Each of the entries below is to be written out exactly, and the images skipped.

== Material shown ==

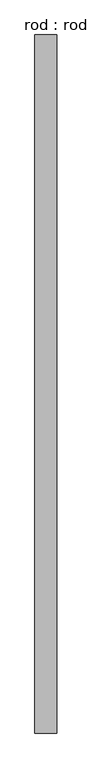
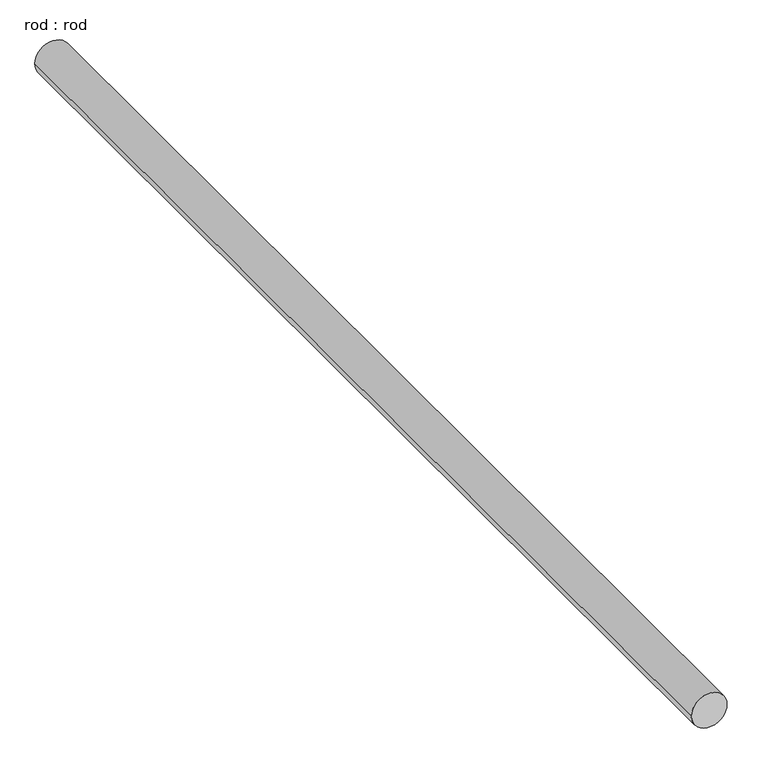
"""IFC4 building model written with IfcOpenShell, lengths in millimetres: proxy geometry, rod : rod."""

from ifc_helpers import new_model, si_unit, point, frame, frame_2d, origin, place, context, project, spatial, circle_curve, trimmed, segment, composite_curve, outline, extrude, source, transform, mapped, element, save


def rod_rod_ab447ccd(model_context):
    return source(origin(), model_context, "Body", "SweptSolid", [
        extrude(outline(composite_curve([segment(trimmed(circle_curve(frame_2d((0.0108462, 0.0)), 200.0), [point((0.0108462, 200.0))], [point((0.0108462, -200.0))], False, "CARTESIAN"), True, "CONTINUOUS"), segment(trimmed(circle_curve(frame_2d((0.0108462, 0.0)), 200.0), [point((0.0108462, -200.0))], [point((0.0108462, 200.0))], False, "CARTESIAN"), True, "CONTINUOUS")], self_intersect=False)), frame((0.0, -2268.4210611, 0.0), z_axis=(0.0, 1.0, 0.0), x_axis=(0.0, 0.0, 1.0)), (0.0, 0.0, 1.0), 12722.299353),
    ])


if __name__ == "__main__":
    model = new_model("IFC4")
    model_context = context("Model", 3, world=origin())
    ifc_project = project(units=[si_unit("LENGTHUNIT", "METRE", prefix="MILLI")], contexts=[model_context])
    site = spatial("IfcSite", under=ifc_project)
    building = spatial("IfcBuilding", under=site)
    placement = place(None, origin())
    rod_rod_shape = rod_rod_ab447ccd(model_context)
    element("IfcBuildingElementProxy", 1, Name="rod : rod", ObjectType="rod : rod", at=placement, inside=building, context=model_context, shape_type="MappedRepresentation", body=[
        mapped(rod_rod_shape, transform((0.0, 0.0, 0.0), x_axis=(1.0, 0.0, 0.0), y_axis=(0.0, 1.0, 0.0), z_axis=(0.0, 0.0, 1.0))),
    ])
    save(model, "model.ifc")

# Revit data of these elements
# Type "rod : rod"
#   Default Elevation = 0
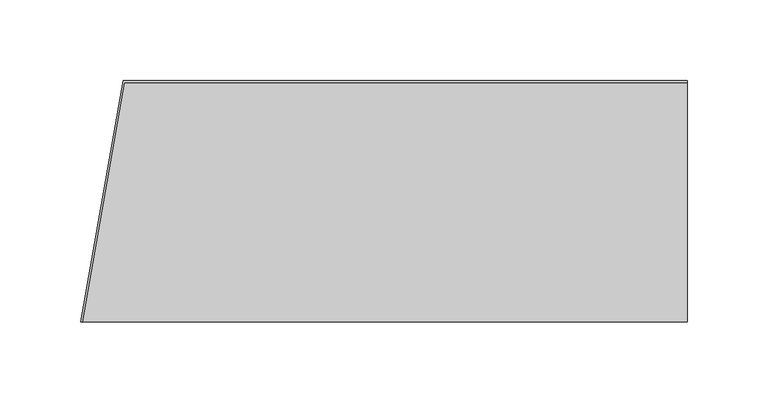
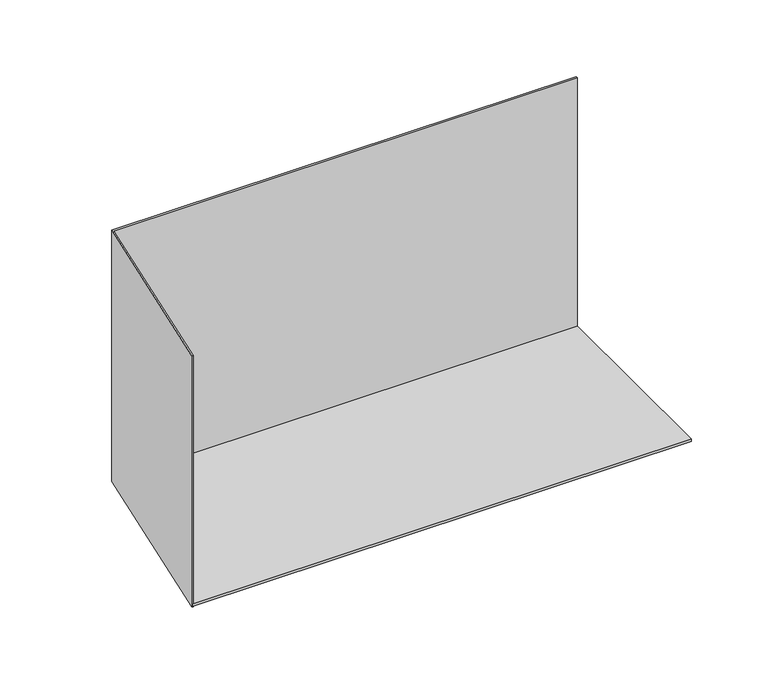
"""IFC4 building model written with IfcOpenShell, lengths in millimetres: proxy geometry, TN_ПВС 125-82_Пристенный поворотный отлив карнизного свеса : TN_ПВС 125-82_Пристенный поворотный отлив карнизного свеса."""

from ifc_helpers import new_model, si_unit, origin, place, context, project, spatial, faceted_brep, source, transform, mapped, element, save


def generic_models_81dd5289(model_context):
    return source(origin(), model_context, "Body", "Brep", [
        faceted_brep([(350.0, 0.0, 0.0), (350.0, 0.0, 200.0), (350.0, -1.3333333, 200.0), (350.0, -1.3333333, 2.0), (350.0, -150.0, 2.0), (350.0, -150.0, 0.0), (0.0, 0.0, 0.0), (0.0, 0.0, 200.0), (-26.4490471, -150.0, 200.0), (-25.4642394, -150.1736482, 200.0), (0.780324, -1.3333333, 200.0), (0.780324, -1.3333333, 2.0), (-25.4336205, -150.0, 2.0), (-25.4336205, -150.0, 0.0), (-25.4642394, -150.1736482, 0.0), (-26.4490471, -150.0, 0.0)], [[[0, 1, 2, 3, 4, 5]], [[1, 0, 6, 7]], [[2, 1, 7, 8, 9, 10]], [[3, 2, 10, 11]], [[4, 3, 11, 12]], [[5, 4, 12, 13]], [[0, 5, 13, 14, 15, 6]], [[6, 15, 8, 7]], [[9, 14, 13, 12, 11, 10]], [[9, 8, 15, 14]]]),
    ])


if __name__ == "__main__":
    model = new_model("IFC4")
    model_context = context("Model", 3, world=origin())
    ifc_project = project(units=[si_unit("LENGTHUNIT", "METRE", prefix="MILLI")], contexts=[model_context])
    site = spatial("IfcSite", under=ifc_project)
    building = spatial("IfcBuilding", under=site)
    placement = place(None, origin())
    generic_models_shape = generic_models_81dd5289(model_context)
    element("IfcBuildingElementProxy", 1, Name="TN_ПВС 125-82_Пристенный поворотный отлив карнизного свеса : TN_ПВС 125-82_Пристенный поворотный отлив карнизного свеса", ObjectType="TN_ПВС 125-82_Пристенный поворотный отлив карнизного свеса : TN_ПВС 125-82_Пристенный поворотный отлив карнизного свеса", at=placement, inside=building, context=model_context, shape_type="MappedRepresentation", body=[
        mapped(generic_models_shape, transform((0.0, 0.0, 0.0), x_axis=(1.0, 0.0, 0.0), y_axis=(0.0, 1.0, 0.0), z_axis=(0.0, 0.0, 1.0))),
    ])
    save(model, "model.ifc")

# Revit data of these elements
# Type "TN_ПВС 125-82_Пристенный поворотный отлив карнизного свеса : TN_ПВС 125-82_Пристенный поворотный отлив карнизного свеса"
#   Description = "Оформление примыкания ската кровли к вертикальной\r\nстене здания"
#   Manufacturer = "ТехноНИКОЛЬ"
#   Model = "Комплектующие к водосточным системам"
#   URL = "https://tn-vodostok.ru/catalog/pvh/"
#   ADSK_Обозначение = "ТехноНИКОЛЬ"
#   ADSK_Наименование краткое = "Пристенный отлив"
#   ADSK_Наименование = "Пристенный поворотный отлив карнизного свеса"
#   ADSK_Масса_Текст = ""
#   ADSK_Марка = ""
#   ADSK_Код изделия = ""
#   ADSK_Завод-изготовитель = "ТехноНИКОЛЬ"
#   ADSK_Единица измерения = "шт."
#   ADSK_Группирование = "Комплектующие к водосточным системам"
#   ADSK_URL страницы изделия = "https://tn-vodostok.ru/catalog/pvh/"
#   ADSK_URL документации изделия = "https://tn-vodostok.ru/upload/iblock/c42/c427963cb77eb5c3c51f0cfb870e9e52.pdf"
#   Угол поворота [instance default] = 10.00°
#   Длина дополнительная [instance default] = 152.314 mm
#   ADSK_Размер_Ширина = 350 mm
#   ADSK_Размер_Глубина = 150 mm
#   ADSK_Размер_Высота = 200 mm
#   ADSK_Количество = 1
#   ADSK_Материал = TN_Пластик_Белый_RAL9010
#   Default Elevation = 0
# Element 1 (IfcBuildingElementProxy, "TN_ПВС 125-82_Пристенный поворотный отлив карнизного свеса : TN_ПВС 125-82_Пристенный поворотный отлив карнизного свеса")
#   Materials on its faces: "TN_Пластик_Белый_RAL9010"
# Materials
#   "TN_Пластик_Белый_RAL9010": class "Типовые", colour RGB 241 236 225, transparency 0, Cost = 0

===

* _Solution to this task_:
"""IFC4 building model written with IfcOpenShell, lengths in millimetres: proxy geometry, rod : rod."""

from ifc_helpers import new_model, si_unit, point, frame, frame_2d, origin, place, context, project, spatial, circle_curve, trimmed, segment, composite_curve, outline, extrude, source, transform, mapped, element, save


def rod_rod_ab447ccd(model_context):
    return source(origin(), model_context, "Body", "SweptSolid", [
        extrude(outline(composite_curve([segment(trimmed(circle_curve(frame_2d((0.0108462, 0.0)), 200.0), [point((0.0108462, 200.0))], [point((0.0108462, -200.0))], False, "CARTESIAN"), True, "CONTINUOUS"), segment(trimmed(circle_curve(frame_2d((0.0108462, 0.0)), 200.0), [point((0.0108462, -200.0))], [point((0.0108462, 200.0))], False, "CARTESIAN"), True, "CONTINUOUS")], self_intersect=False)), frame((0.0, -2268.4210611, 0.0), z_axis=(0.0, 1.0, 0.0), x_axis=(0.0, 0.0, 1.0)), (0.0, 0.0, 1.0), 12722.299353),
    ])


if __name__ == "__main__":
    model = new_model("IFC4")
    model_context = context("Model", 3, world=origin())
    ifc_project = project(units=[si_unit("LENGTHUNIT", "METRE", prefix="MILLI")], contexts=[model_context])
    site = spatial("IfcSite", under=ifc_project)
    building = spatial("IfcBuilding", under=site)
    placement = place(None, origin())
    rod_rod_shape = rod_rod_ab447ccd(model_context)
    element("IfcBuildingElementProxy", 1, Name="rod : rod", ObjectType="rod : rod", at=placement, inside=building, context=model_context, shape_type="MappedRepresentation", body=[
        mapped(rod_rod_shape, transform((0.0, 0.0, 0.0), x_axis=(1.0, 0.0, 0.0), y_axis=(0.0, 1.0, 0.0), z_axis=(0.0, 0.0, 1.0))),
    ])
    save(model, "model.ifc")

# Revit data of these elements
# Type "rod : rod"
#   Default Elevation = 0
"""IFC4 building model written with IfcOpenShell, lengths in millimetres: proxy geometry, TN_ПВС 125-82_Пристенный поворотный отлив карнизного свеса : TN_ПВС 125-82_Пристенный поворотный отлив карнизного свеса."""

from ifc_helpers import new_model, si_unit, origin, place, context, project, spatial, faceted_brep, source, transform, mapped, element, save


def generic_models_81dd5289(model_context):
    return source(origin(), model_context, "Body", "Brep", [
        faceted_brep([(350.0, 0.0, 0.0), (350.0, 0.0, 200.0), (350.0, -1.3333333, 200.0), (350.0, -1.3333333, 2.0), (350.0, -150.0, 2.0), (350.0, -150.0, 0.0), (0.0, 0.0, 0.0), (0.0, 0.0, 200.0), (-26.4490471, -150.0, 200.0), (-25.4642394, -150.1736482, 200.0), (0.780324, -1.3333333, 200.0), (0.780324, -1.3333333, 2.0), (-25.4336205, -150.0, 2.0), (-25.4336205, -150.0, 0.0), (-25.4642394, -150.1736482, 0.0), (-26.4490471, -150.0, 0.0)], [[[0, 1, 2, 3, 4, 5]], [[1, 0, 6, 7]], [[2, 1, 7, 8, 9, 10]], [[3, 2, 10, 11]], [[4, 3, 11, 12]], [[5, 4, 12, 13]], [[0, 5, 13, 14, 15, 6]], [[6, 15, 8, 7]], [[9, 14, 13, 12, 11, 10]], [[9, 8, 15, 14]]]),
    ])


if __name__ == "__main__":
    model = new_model("IFC4")
    model_context = context("Model", 3, world=origin())
    ifc_project = project(units=[si_unit("LENGTHUNIT", "METRE", prefix="MILLI")], contexts=[model_context])
    site = spatial("IfcSite", under=ifc_project)
    building = spatial("IfcBuilding", under=site)
    placement = place(None, origin())
    generic_models_shape = generic_models_81dd5289(model_context)
    element("IfcBuildingElementProxy", 1, Name="TN_ПВС 125-82_Пристенный поворотный отлив карнизного свеса : TN_ПВС 125-82_Пристенный поворотный отлив карнизного свеса", ObjectType="TN_ПВС 125-82_Пристенный поворотный отлив карнизного свеса : TN_ПВС 125-82_Пристенный поворотный отлив карнизного свеса", at=placement, inside=building, context=model_context, shape_type="MappedRepresentation", body=[
        mapped(generic_models_shape, transform((0.0, 0.0, 0.0), x_axis=(1.0, 0.0, 0.0), y_axis=(0.0, 1.0, 0.0), z_axis=(0.0, 0.0, 1.0))),
    ])
    save(model, "model.ifc")

# Revit data of these elements
# Type "TN_ПВС 125-82_Пристенный поворотный отлив карнизного свеса : TN_ПВС 125-82_Пристенный поворотный отлив карнизного свеса"
#   Description = "Оформление примыкания ската кровли к вертикальной\r\nстене здания"
#   Manufacturer = "ТехноНИКОЛЬ"
#   Model = "Комплектующие к водосточным системам"
#   URL = "https://tn-vodostok.ru/catalog/pvh/"
#   ADSK_Обозначение = "ТехноНИКОЛЬ"
#   ADSK_Наименование краткое = "Пристенный отлив"
#   ADSK_Наименование = "Пристенный поворотный отлив карнизного свеса"
#   ADSK_Масса_Текст = ""
#   ADSK_Марка = ""
#   ADSK_Код изделия = ""
#   ADSK_Завод-изготовитель = "ТехноНИКОЛЬ"
#   ADSK_Единица измерения = "шт."
#   ADSK_Группирование = "Комплектующие к водосточным системам"
#   ADSK_URL страницы изделия = "https://tn-vodostok.ru/catalog/pvh/"
#   ADSK_URL документации изделия = "https://tn-vodostok.ru/upload/iblock/c42/c427963cb77eb5c3c51f0cfb870e9e52.pdf"
#   Угол поворота [instance default] = 10.00°
#   Длина дополнительная [instance default] = 152.314 mm
#   ADSK_Размер_Ширина = 350 mm
#   ADSK_Размер_Глубина = 150 mm
#   ADSK_Размер_Высота = 200 mm
#   ADSK_Количество = 1
#   ADSK_Материал = TN_Пластик_Белый_RAL9010
#   Default Elevation = 0
# Element 1 (IfcBuildingElementProxy, "TN_ПВС 125-82_Пристенный поворотный отлив карнизного свеса : TN_ПВС 125-82_Пристенный поворотный отлив карнизного свеса")
#   Materials on its faces: "TN_Пластик_Белый_RAL9010"
# Materials
#   "TN_Пластик_Белый_RAL9010": class "Типовые", colour RGB 241 236 225, transparency 0, Cost = 0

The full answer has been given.